**WHAT IS REQUIRED**
Leave every picture out, and retype all the remaining records exactly.

**SOURCE MATERIAL**
::::::
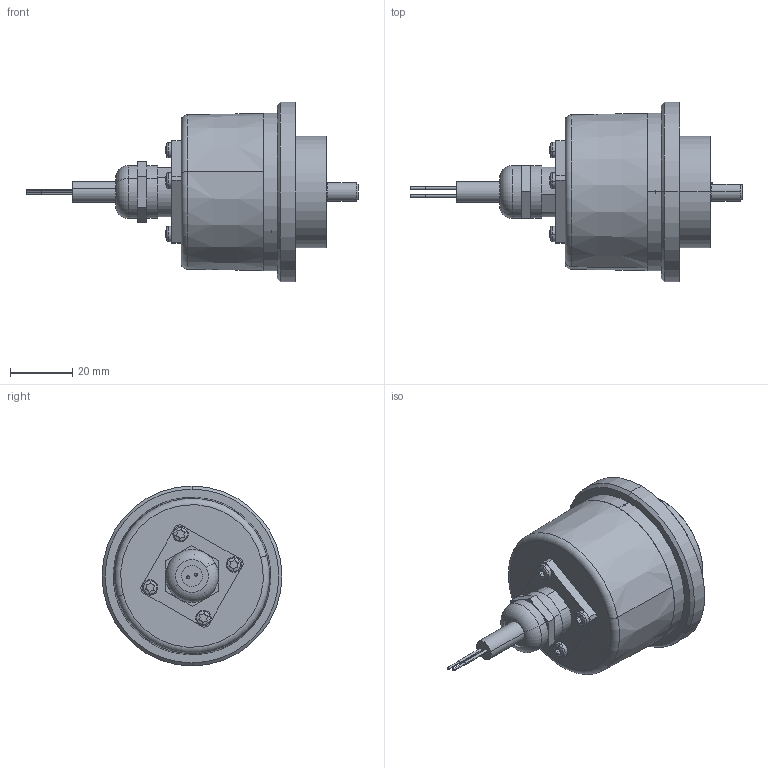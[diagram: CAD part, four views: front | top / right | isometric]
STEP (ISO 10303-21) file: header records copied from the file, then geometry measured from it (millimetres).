
FILE_DESCRIPTION (( 'STEP AP214' ), '1' );
FILE_NAME ('5000.81X1.XXXX.STEP', '2008-12-03T07:04:22', ( 'admin' ), ( 'Fritz Kübler GmbH' ), 'SwSTEP 2.0', 'SolidWorks 2008', '' );
FILE_SCHEMA (( 'AUTOMOTIVE_DESIGN' ));
Length unit declared in the file: millimetre
Products named in the file (1): 5000.81X1.XXXX
Bounding box: 107 x 58 x 58 mm (x, y, z)
Volume: 51941.2 mm3; surface area: 35881.7 mm2
Topology: 12 solids, 13 shells, 536 faces, 1248 edges, 752 vertices
Faces by surface type: plane 167, cylinder 152, cone 95, torus 75, sphere 35, bspline 12
Entity records: 22025 total; most frequent: CARTESIAN_POINT 3763, DIRECTION 2814, ORIENTED_EDGE 2364, AXIS2_PLACEMENT_3D 1183, EDGE_CURVE 1182, VERTEX_POINT 722, CIRCLE 658, EDGE_LOOP 628
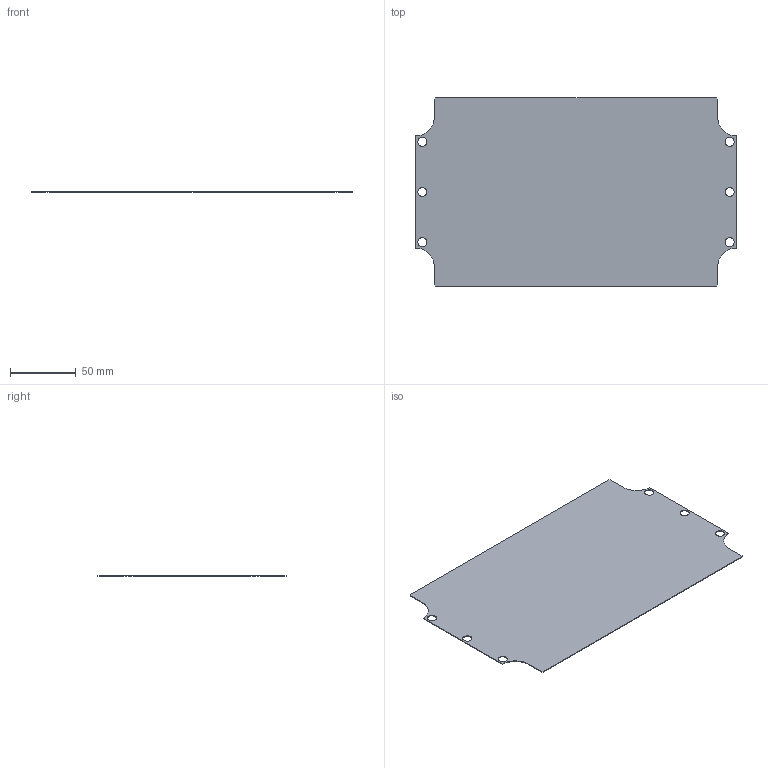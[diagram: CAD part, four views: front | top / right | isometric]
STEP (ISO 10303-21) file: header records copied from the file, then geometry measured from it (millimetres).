
FILE_DESCRIPTION((''),'2;1');
FILE_NAME('c:\temp\162PL.stp','2006-07-18T13:51:05',('kbond'),(''),'Autodesk Inventor 11','Autodesk Inventor 11','');
FILE_SCHEMA(('AUTOMOTIVE_DESIGN { 1 0 10303 214 1 1 1 1 }'));
Length unit declared in the file: millimetre
Products named in the file (1): 162PL
Bounding box: 243 x 143 x 0.5 mm (x, y, z)
Volume: 16530.2 mm3; surface area: 66559.4 mm2
Topology: 1 solids, 1 shells, 24 faces, 72 edges, 50 vertices
Faces by surface type: plane 14, bspline 6, cylinder 4
Entity records: 865 total; most frequent: CARTESIAN_POINT 231, ORIENTED_EDGE 120, DIRECTION 118, EDGE_CURVE 60, VERTEX_POINT 44, EDGE_LOOP 42, VECTOR 40, LINE 40
::::::
**PROBLEM SOLUTION**
[diagram: CAD part, four views: front | top / right | isometric]
STEP (ISO 10303-21) file: header records copied from the file, then geometry measured from it (millimetres).
FILE_DESCRIPTION (( 'STEP AP214' ), '1' );
FILE_NAME ('5000.81X1.XXXX.STEP', '2008-12-03T07:04:22', ( 'admin' ), ( 'Fritz Kübler GmbH' ), 'SwSTEP 2.0', 'SolidWorks 2008', '' );
FILE_SCHEMA (( 'AUTOMOTIVE_DESIGN' ));
Length unit declared in the file: millimetre
Products named in the file (1): 5000.81X1.XXXX
Bounding box: 107 x 58 x 58 mm (x, y, z)
Volume: 51941.2 mm3; surface area: 35881.7 mm2
Topology: 12 solids, 13 shells, 536 faces, 1248 edges, 752 vertices
Faces by surface type: plane 167, cylinder 152, cone 95, torus 75, sphere 35, bspline 12
Entity records: 22025 total; most frequent: CARTESIAN_POINT 3763, DIRECTION 2814, ORIENTED_EDGE 2364, AXIS2_PLACEMENT_3D 1183, EDGE_CURVE 1182, VERTEX_POINT 722, CIRCLE 658, EDGE_LOOP 628
[diagram: CAD part, four views: front | top / right | isometric]
STEP (ISO 10303-21) file: header records copied from the file, then geometry measured from it (millimetres).
FILE_DESCRIPTION((''),'2;1');
FILE_NAME('c:\temp\162PL.stp','2006-07-18T13:51:05',('kbond'),(''),'Autodesk Inventor 11','Autodesk Inventor 11','');
FILE_SCHEMA(('AUTOMOTIVE_DESIGN { 1 0 10303 214 1 1 1 1 }'));
Length unit declared in the file: millimetre
Products named in the file (1): 162PL
Bounding box: 243 x 143 x 0.5 mm (x, y, z)
Volume: 16530.2 mm3; surface area: 66559.4 mm2
Topology: 1 solids, 1 shells, 24 faces, 72 edges, 50 vertices
Faces by surface type: plane 14, bspline 6, cylinder 4
Entity records: 865 total; most frequent: CARTESIAN_POINT 231, ORIENTED_EDGE 120, DIRECTION 118, EDGE_CURVE 60, VERTEX_POINT 44, EDGE_LOOP 42, VECTOR 40, LINE 40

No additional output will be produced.